Author Topic: Lattice Diamond is making me sad  (Read 29564 times)

0 Members and 1 Guest are viewing this topic.

Offline Tainer

  • Contributor
  • Posts: 37
  • Country: 00
Re: Lattice Diamond is making me sad
« Reply #25 on: July 19, 2016, 04:38:52 pm »
OK, so I had to install diamond on linux recently and had to spend a good evening to get it up and running.
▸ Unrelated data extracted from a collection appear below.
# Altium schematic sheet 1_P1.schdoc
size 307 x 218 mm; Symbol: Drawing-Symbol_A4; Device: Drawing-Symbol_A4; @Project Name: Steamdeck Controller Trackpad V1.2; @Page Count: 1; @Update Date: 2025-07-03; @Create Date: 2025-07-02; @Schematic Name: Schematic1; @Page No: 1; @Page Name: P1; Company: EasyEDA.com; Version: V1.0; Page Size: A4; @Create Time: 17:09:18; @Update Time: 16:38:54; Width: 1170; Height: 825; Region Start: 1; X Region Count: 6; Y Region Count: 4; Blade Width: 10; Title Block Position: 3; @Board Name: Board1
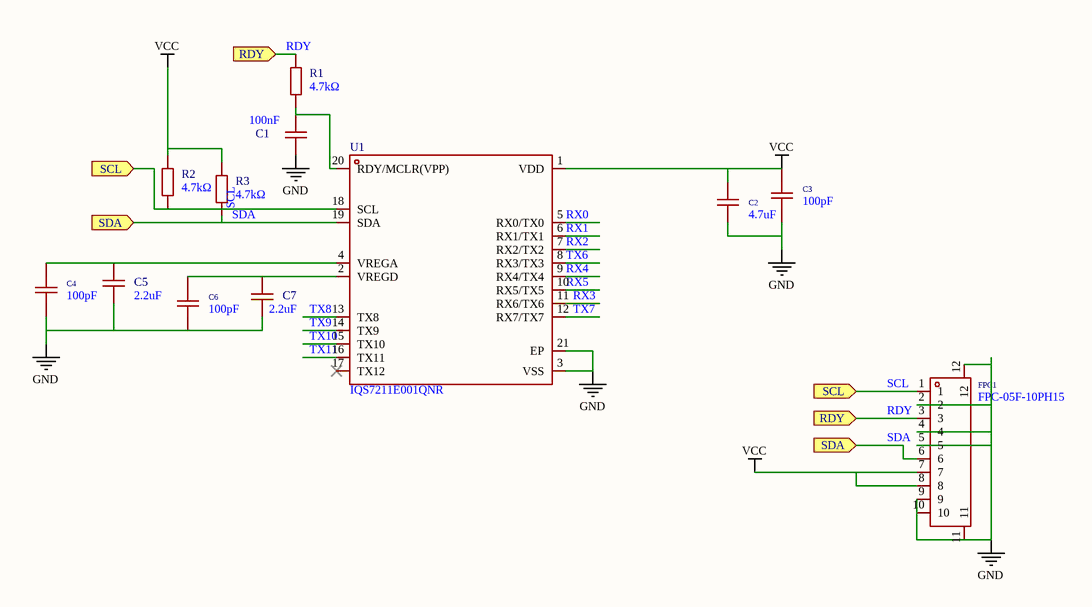
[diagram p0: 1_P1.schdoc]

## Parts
C1  100nF  [C0603]
C2  4.7uF  [C0603]
C3  100pF  [C0603]
C4  100pF  [C0603]
C5  2.2uF  [C0603]
C6  100pF  [C0603]
C7  2.2uF  [C0603]
FPC1  FPC-05F-10PH15  [FPC-SMD_10P-P0.50_XUNPU_FPC-05F-10PH15]
R1  4.7kΩ  [R0603]
R2  4.7kΩ  [R0603]
R3  4.7kΩ  [R0603]
U1  IQS7211E001QNR  [UQFN-20_L3.0-W3.0-P0.40-BL-EP1.7]

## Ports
RDY (in), SCL (in), SDA (in)

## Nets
GND: C1.1 C2.1 C3.1 C4.1 C5.1 C6.1 C7.1 FPC1.2 FPC1.4 FPC1.5 FPC1.9 FPC1.10 FPC1.11 FPC1.12 U1.3(VSS) U1.21(EP)
VCC: C2.2 C3.2 FPC1.7 FPC1.8 R2.2 R3.2 U1.1(VDD)
RDY: FPC1.3 R1.2 ; port RDY
RX0: U1.5(RX0/TX0)
RX1: U1.6(RX1/TX1)
RX2: U1.7(RX2/TX2)
RX3: U1.11(RX6/TX6)
RX4: U1.9(RX4/TX4)
RX5: U1.10(RX5/TX5)
SCL: FPC1.1 R2.1 U1.18(SCL) ; port SCL
SDA: FPC1.6 R3.1 U1.19(SDA) ; port SDA
TX6: U1.8(RX3/TX3)
TX7: U1.12(RX7/TX7)
TX8: U1.13(TX8)
TX9: U1.14(TX9)
TX10: U1.15(TX10)
TX11: U1.16(TX11)
NetC1_2: C1.2 R1.1 U1.20(RDY/MCLR(VPP))
NetC4_2: C4.2 C5.2 U1.4(VREGA)
NetC6_2: C6.2 C7.2 U1.2(VREGD)

Not connected (* = marked no-connect by the designer): U1 17(TX12)*

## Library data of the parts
C1 = CL10B104KA8NNNC: Manufacturer: SAMSUNG(三星); Add into BOM: yes; Tolerance: ±10%
C2 = CL10A475KP8NNNC: Manufacturer: SAMSUNG(三星); Add into BOM: yes; Tolerance: ±10%
C3 C4 C6 = CC0603JRNPO9BN101: Manufacturer: YAGEO(国巨); Add into BOM: yes; Tolerance: ±5%
C5 C7 = CL10A225KP8NNNC: Manufacturer: SAMSUNG(三星); Add into BOM: yes; Tolerance: ±10%
FPC1 = FPC-05F-10PH15: Manufacturer: XUNPU(讯普); Add into BOM: yes; Locking Feature: Clamshell; Number of Contacts: 10P; Pitch: 0.5mm; FFC, FCB Thickness: 0.3mm
R1-R3 = 0603WAF4701T5E: Manufacturer: UNI-ROYAL(厚声); Add into BOM: yes; Tolerance: ±1%; Temperature Coefficient: ±100ppm/℃
U1 = IQS7211E001QNR: Manufacturer: Azoteq; Add into BOM: yes

I've seen other posts of people struggling with it so I decided to write a small guide on this topic, since none of the instructions worked for me. In my case I'm using XO3 board, diamond 3.7 on debian.
  • Step 1: getting diamond + license
You have to register on their website to obtain the license. That might require a dozen of fake email addresses, since their stupid authentication system is living it's own life. When you fill in your "company" don't write "Unaffiliated" as suggested on the website - that will most likely result in unactivated account and you will keep getting "page not found" errors. To obtain a license you need to fill in your MAC address - I usually generate a random address and spoof it when I need to. Also, you have to renew the license every 6 months. Honestly, that's just a pain in the ass which is why I've been looking towards other vendors for quite a while.
  • Step 2: installing diamond
In case your distribution doesn't support rpm-packages you can still install it without any problems. However, don't use alien on debian and it's derivatives - you'll waste lots of time and it won't work properly. Simply unpack the rpm package (put it in ~/local/diamond for example) and then unpack .tar archives in each subfolder (./bin/bin.tar, ./cae_library/cae_library.tar, etc). Now you should be able to run ./bin/lin64/diamond. If it complains about missing libraries then install those separately.
  • Step 3: installing the license
MAC address in the license file has to match the address of eth0 interface. To spoof MAC-address run:
Code: [Select]
# ip link set dev eth0 down
# ip link set dev eth0 address XX:XX:XX:XX:XX:XX
I do that on every machine where I use diamond. Great idea, Lattice. Thanks for making my life so much easier.
  • Step 4: getting the programmer to work
At this point if you attach the programmer and run diamond, it will crash with a segfault and complain about usb write permissions. To get the programmer working we need to set the appropriate permissions and also unbind the ftdi_sio driver. However, in my case XO3 board has a FT2232H chip which provides a dual interface. If you look at dmesg output you should see something like

[71334.912360] usb 8-2: Product: Lattice XO3L Starter Kit
[71334.912363] usb 8-2: Manufacturer: Lattice
[71334.915149] ftdi_sio 8-2:1.0: FTDI USB Serial Device converter detected
...
[71334.918138] ftdi_sio 8-2:1.1: FTDI USB Serial Device converter detected


If you try to unbind ftdi_sio from device 8-2 it will not work - you have to specify device 8-2:1.0. In this case we only need to unbind the first interface, since it's used for programming.
Here is a complete udev rule:
Code: [Select]
# Lattice FTDI programmer
SUBSYSTEM == "usb", DRIVER == "usb", \
                    ATTRS{idVendor} == "0403", ATTRS{idProduct} == "6010", \
                    MODE := "0666", RUN += "/bin/sh -c 'basename %p:1.0 > /sys/bus/usb/drivers/ftdi_sio/unbind'"
Place it under /etc/udev/rules.d/49-lattice.rules and run udevadm trigger afterwards.
If everything works properly, you should have similar dmesg output after attaching the board:

[71334.915526] usb 8-2: FTDI USB Serial Device converter now attached to ttyUSB0
[71334.918138] ftdi_sio 8-2:1.1: FTDI USB Serial Device converter detected
...
[71334.927683] ftdi_sio ttyUSB0: FTDI USB Serial Device converter now disconnected from ttyUSB0
[71334.927699] ftdi_sio 8-2:1.0: device disconnected

 

Offline Brane212

  • Contributor
  • Posts: 11
  • Country: si
Re: Lattice Diamond is making me sad
« Reply #26 on: July 20, 2016, 02:11:35 pm »
Couple more remarks about Diamond:

1. Check file owners. When you find and untar all those tarwhatevers, you'l find they have undefined owners and possibly permissions.
This can causevarious problems later, during usage, when programs call each other.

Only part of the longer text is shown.